So what other species intergrades are there?

And I love the yellows!! Will the bananna get more yellow? what a stunner


----------



## ivonavich (Apr 9, 2009)

Took Hunter out for a time in the yard this arvo....


----------



## Jesse (Apr 12, 2009)

ivonavich said:


> Took Hunter out for a time in the yard this arvo....
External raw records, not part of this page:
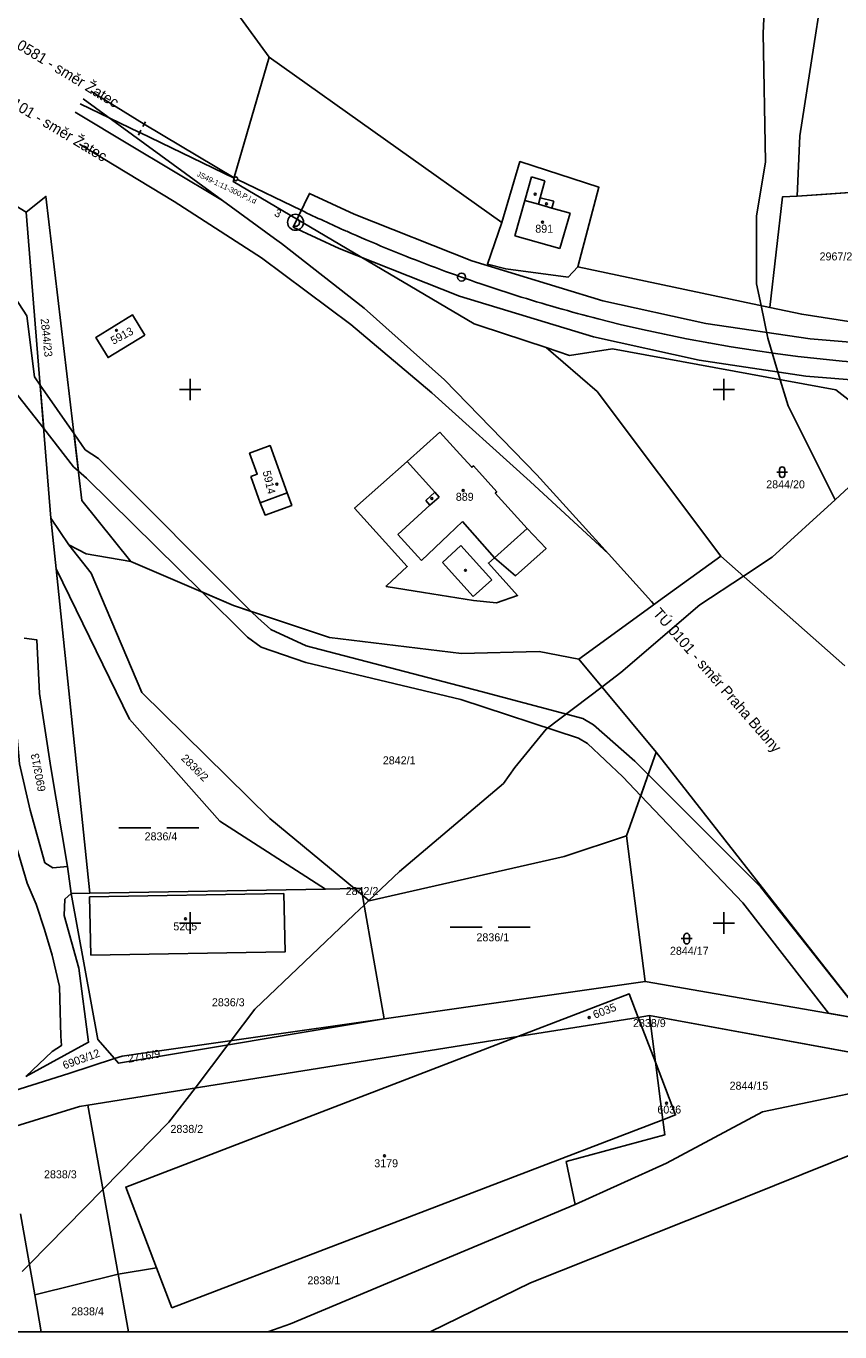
# Model space of a CAD drawing. Extents: x -800194 to -799297, y -1007177 to -1006761.
# Drawn here: x -799830.8 to -799678.2, y -1007176.6 to -1006931.9 of the extents above; entities that cross this region are included whole.
import ezdxf

# ---------------------------------------------------------------- set-up
doc = ezdxf.new("R2010")
doc.units = 0
for name, color, linetype in [('02_Osa_koleje', 7, 'Continuous'), ('_návrh', 7, 'Continuous'), ('_popvyt', 7, 'Continuous'), ('_Vrstva 7 - Přesunutá', 7, 'Continuous'), ('BPEJ', 7, 'Continuous'), ('Dočasné zábory', 7, 'Continuous'), ('Legenda 1', 7, 'Continuous'), ('Pozemky SŽDC', 7, 'Continuous'), ('Pozemky ČD', 7, 'Continuous'), ('Ramove udaje', 7, 'Continuous'), ('Vrstva 53', 7, 'Continuous'), ('Vrstva 55', 7, 'Continuous'), ('Vrstva 56', 7, 'Continuous'), ('Vrstva 57', 7, 'Continuous'), ('Vrstva 58', 7, 'Continuous'), ('Vrstva 59', 7, 'Continuous')]:
    doc.layers.add(name, color=color, linetype=linetype)

msp = doc.modelspace()

# ---------------------------------------------------------------- linework, layer by layer
at = {"layer": '02_Osa_koleje'}
msp.add_lwpolyline([(-799770.68, -1006970.33), (-799769.77, -1006970.73), (-799768.85, -1006971.13), (-799767.93, -1006971.53), (-799767.02, -1006971.93), (-799766.1, -1006972.32), (-799765.17, -1006972.71), (-799764.25, -1006973.09), (-799763.33, -1006973.48), (-799762.4, -1006973.86), (-799761.48, -1006974.24), (-799760.55, -1006974.61), (-799759.62, -1006974.98), (-799758.69, -1006975.35), (-799757.76, -1006975.71), (-799756.83, -1006976.08), (-799755.89, -1006976.43), (-799754.96, -1006976.79), (-799754.02, -1006977.14), (-799753.09, -1006977.49), (-799752.15, -1006977.84), (-799751.21, -1006978.18), (-799750.27, -1006978.52), (-799749.33, -1006978.86), (-799748.39, -1006979.19), (-799747.44, -1006979.52), (-799746.5, -1006979.85), (-799745.55, -1006980.17), (-799744.6, -1006980.5), (-799743.66, -1006980.81), (-799742.71, -1006981.13), (-799741.76, -1006981.44), (-799740.81, -1006981.75), (-799739.85, -1006982.05), (-799738.9, -1006982.36), (-799737.95, -1006982.66), (-799736.99, -1006982.95), (-799736.03, -1006983.24), (-799735.08, -1006983.53), (-799734.12, -1006983.82), (-799733.16, -1006984.1), (-799732.2, -1006984.38), (-799731.24, -1006984.66), (-799730.28, -1006984.93), (-799729.31, -1006985.2), (-799728.35, -1006985.47), (-799727.38, -1006985.73), (-799726.42, -1006985.99), (-799725.45, -1006986.25), (-799724.49, -1006986.5), (-799723.52, -1006986.75)], dxfattribs=at)
for centre, radius, start, end in [((-799651.02, -1006703.89), 292, 255.6249, 308.2052), ((-799645.75, -1006688.81), 308, 244.3251, 246.0688)]:
    msp.add_arc(centre, radius, start, end, dxfattribs=at)
at = {"layer": '_návrh'}
for p, q in [((-799820.1, -1006945.48), (-799793.94, -1006964.58)), ((-799818.64, -1006944.05), (-799808.62, -1006950.25)), ((-799820.64, -1006946.46), (-799809.51, -1006951.84)), ((-799808.88, -1006950.67), (-799808.37, -1006949.81)), ((-799791.76, -1006960.32), (-799808.62, -1006950.24)), ((-799809.7, -1006952.29), (-799809.26, -1006951.38)), ((-799791.77, -1006960.35), (-799809.48, -1006951.84)), ((-799791.14, -1006960.65), (-799779.19, -1006966.4))]:
    msp.add_line(p, q, dxfattribs=at)
for points in [[(-799821.59, -1006948.01), (-799811.06, -1006954.32), (-799803.75, -1006958.71), (-799793.94, -1006964.58), (-799784.22, -1006971.67), (-799782.91, -1006972.63), (-799767.42, -1006984.72), (-799752.33, -1006998.17), (-799735.03, -1007016), (-799721.62, -1007030.81), (-799713.56, -1007039.73), (-799713.11, -1007040.22)], [(-799820.76, -1006954), (-799803, -1006964.74), (-799786.68, -1006975.32), (-799769.88, -1006987.81), (-799754.74, -1007000.64), (-799736.31, -1007017.26), (-799721.62, -1007030.81)]]:
    msp.add_lwpolyline(points, dxfattribs=at)
for centre, radius in [((-799791.46, -1006960.5), 0.35), ((-799780.27, -1006968.65), 1.5)]:
    msp.add_circle(centre, radius, dxfattribs=at)
for start, end in [(334.3251, 64.3251), (244.3251, 334.3251)]:
    msp.add_arc((-799780.27, -1006968.65), 0.75, start, end, dxfattribs=at)
at = {"layer": '_Vrstva 7 - Přesunutá'}
msp.add_circle((-799749.15, -1006978.93), 0.75, dxfattribs=at)
at = {"layer": 'BPEJ'}
for points in [[(-799679.12, -1007020.67), (-799687.92, -1007003.07), (-799689.39, -1006998.15), (-799691.73, -1006990.36), (-799693, -1006984.25), (-799693.85, -1006980.19), (-799693.85, -1006967.48), (-799692.15, -1006957.31), (-799692.58, -1006933.17), (-799691.73, -1006914.1)], [(-799433.31, -1006923), (-799445.59, -1006934.44), (-799448.98, -1006934.86), (-799460.49, -1006939.26), (-799472.28, -1006943.76), (-799482.03, -1006946.72), (-799486.69, -1006947.15), (-799491.35, -1006948.42), (-799502.85, -1006945.54), (-799507.36, -1006944.41), (-799515.07, -1006942.49), (-799532.02, -1006943.33), (-799567.6, -1006955.2), (-799570.57, -1006956.47), (-799576.08, -1006956.47), (-799584.12, -1006958.16), (-799598.95, -1006964.52), (-799621.99, -1006980.43), (-799662.84, -1007008.64), (-799667.29, -1007011.71), (-799675.63, -1007017.47), (-799679.12, -1007020.67)], [(-799679.12, -1007020.67), (-799690.88, -1007031.45), (-799696.28, -1007034.99), (-799704.44, -1007040.35), (-799719.27, -1007053.06), (-799722.81, -1007055.75), (-799733.25, -1007063.65), (-799739.18, -1007070.85), (-799741.3, -1007073.82), (-799760.79, -1007090.34), (-799766.53, -1007095.79), (-799767.4, -1007096.63), (-799769.26, -1007098.39), (-799787.9, -1007116.18), (-799792.35, -1007122.04), (-799792.97, -1007122.86), (-799799.12, -1007130.95), (-799804, -1007137.36), (-799816.36, -1007149.92), (-799830.18, -1007163.95), (-799831.53, -1007165.33)], [(-799755.05, -1007176.65), (-799736.21, -1007167.44), (-799701.05, -1007153.46), (-799674.78, -1007142.87), (-799652.76, -1007135.67), (-799639.4, -1007132.13), (-799638.35, -1007131.86), (-799625.22, -1007128.89), (-799623.77, -1007128.77), (-799610.39, -1007127.62), (-799604.46, -1007126.35), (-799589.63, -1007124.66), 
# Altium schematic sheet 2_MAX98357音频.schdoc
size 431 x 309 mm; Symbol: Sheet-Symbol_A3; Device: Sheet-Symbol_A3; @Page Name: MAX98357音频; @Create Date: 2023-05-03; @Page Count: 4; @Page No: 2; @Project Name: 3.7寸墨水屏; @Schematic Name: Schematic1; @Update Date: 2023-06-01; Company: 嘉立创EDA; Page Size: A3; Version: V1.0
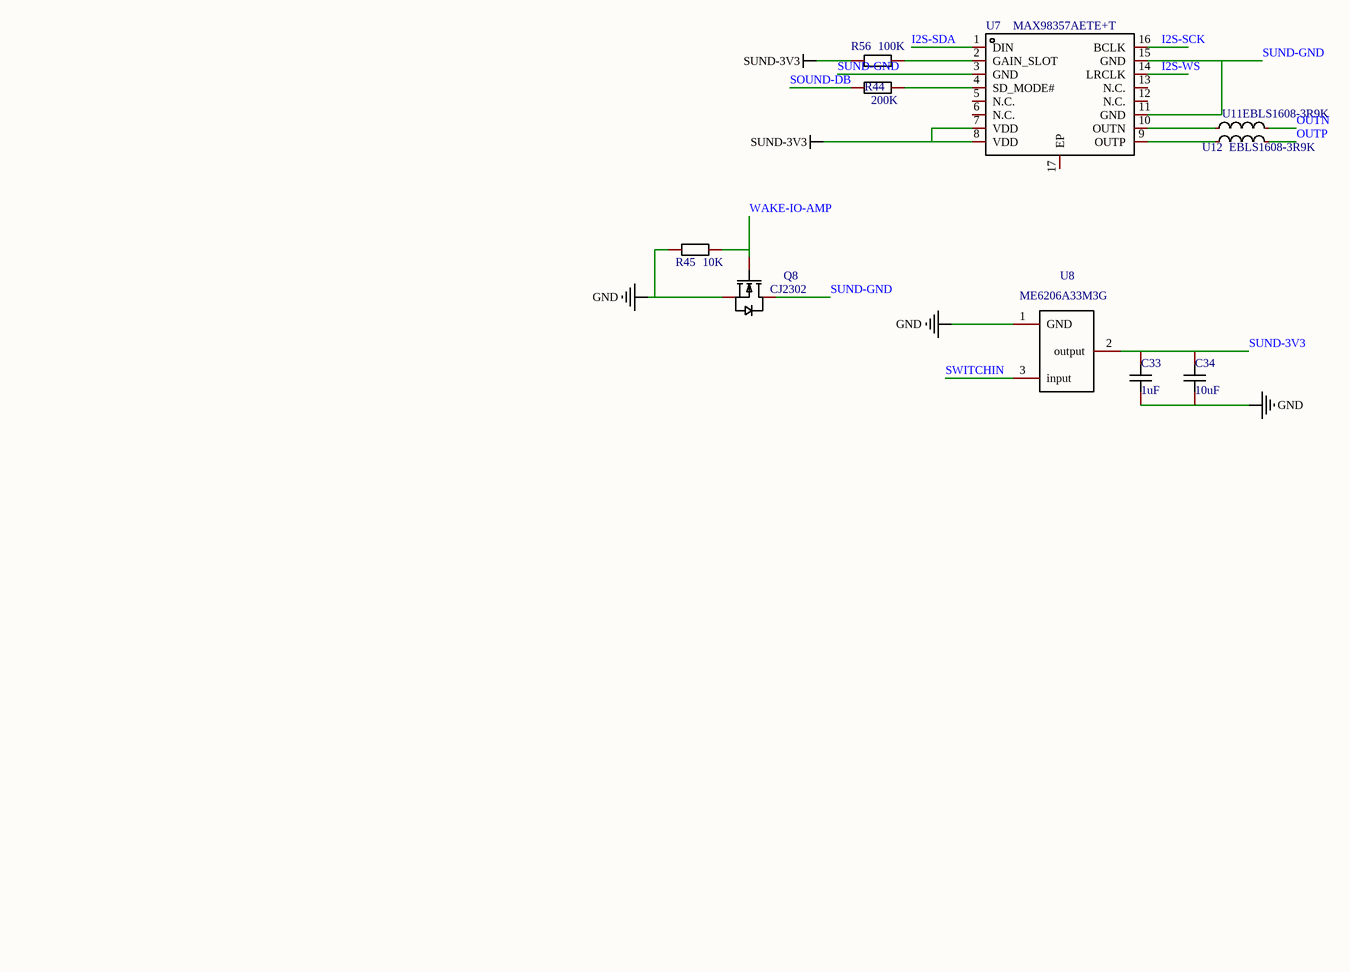
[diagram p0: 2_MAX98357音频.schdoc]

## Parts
C33  1uF  [C0603]
C34  10uF  [C0603]
Q8  CJ2302  [SOT-23-3_L2.9-W1.3-P1.90-LS2.4-BR]
R44  200K  [R0603]
R45  10K  [R0603]
R56  100K  [R0603]
U7  MAX98357AETE+T  [TQFN-16_L3.0-W3.0-P0.50-BL-EP1.5]
U8  ME6206A33M3G  [SOT-23-3_L2.9-W1.6-P1.90-LS2.8-BR]
U11  EBLS1608-3R9K  [L0603]
U12  EBLS1608-3R9K  [L0603]

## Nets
GND: C33.1 C34.1 Q8.2(S) R45.1 U8.1(GND)
SUND-3V3: C33.2 C34.2 R56.1 U7.7(VDD) U7.8(VDD) U8.2(output)
I2S-SCK: U7.16(BCLK)
I2S-SDA: U7.1(DIN)
I2S-WS: U7.14(LRCLK)
OUTN: U11.2
OUTP: U12.2
SOUND-DB: R44.1
SUND-GND: Q8.3(D) U7.3(GND) U7.11(GND) U7.15(GND)
SWITCHIN: U8.3(input)
WAKE-IO-AMP: Q8.1(G) R45.2
NetR44_2: R44.2 U7.4(SD_MODE#)
NetR56_2: R56.2 U7.2(GAIN_SLOT)
NetU7_9: U7.9(OUTP) U12.1
NetU7_10: U7.10(OUTN) U11.1

Not connected (* = marked no-connect by the designer): U7 5(N.C.) 6(N.C.) 12(N.C.) 13(N.C.) 17(EP)

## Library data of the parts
C33 C34 = CAP_0603: Symbol: CapAcitance; Convert to PCB: yes
Q8 = CJ2302: 类型:N沟道;漏源电压(Vdss):20V;连续漏极电流(Id):2.1A;功率(Pd):400mW;导通电阻(RDS(on)@Vgs,Id):35mΩ@4.5V,3.6A;阈值电压(Vgs(th)@Id):950mV@250uA;栅极电荷(Qg@Vgs):4nC@4.5V;输入电容(Ciss@Vds):300pF@10V;反向传输电容(Crss@Vds):80pF@10V;工作温度:-55℃~+150℃@(Tj);; Manufacturer: CJ(江苏长电/长晶); Add into BOM: yes; Type: N沟道; Drain Source Voltage (Vdss): 20V; Continuous Drain Current (Id): 2.1A; Power Dissipation (Pd): 400mW
R44 R45 R56 = Res_0603: Symbol: 电阻; Convert to PCB: yes
U7 = MAX98357AETE+T: 功放类型:-;输出功率:-;; Manufacturer: ADI(亚德诺)/MAXIM(美信); Add into BOM: yes
U8 = ME6206A33M3G: 输出类型:固定;输出极性:正;最大输入电压:6V;输出电压:3.3V;输出电流:300mA;电源纹波抑制比(PSRR):50dB@(1kHz);; Manufacturer: MICRONE(南京微盟); Add into BOM: yes; Output Type: 固定; Output Polarity: 正; Number of Outputs: 1; Maximum Input Voltage: 6V; Output Voltage: 3.3V; Dropout Voltage: 380mV@(200mA); Output Current: 300mA
U11 U12 = EBLS1608-3R9K: Add into BOM: yes

he is adorable!!! do you take him for walks far from home?? lol we're wondering whether to take our boy to the park across the road haha


----------



## ivonavich (Apr 12, 2009)

Jesse said:


> he is adorable!!! do you take him for walks far from home?? lol we're wondering whether to take our boy to the park across the road haha


 
Seem to get enough extra attention(birds :evil: people walking past) when out in the front yard... So yeah I don't take them any further than the yard and most the time it's the back yard - I like my privacy....


----------



## scam7278 (Apr 12, 2009)

BAHAHAHA northern rainforrest python???? who the hell came up with that name???? ive also heard northern diamonds and southern coastals lol. I think the name Port Mac carpet is a better name for them as the name intergrade just makes some people think that they are a hybrid  and before anyone askes YES i do own port macs (a pair and a trio) and they are awsome snakes


----------



## Australis (Apr 12, 2009)

hobbo said:


> I think the name Port Mac carpet is a better name for them as the name intergrade just makes some people think that they are a hybrid )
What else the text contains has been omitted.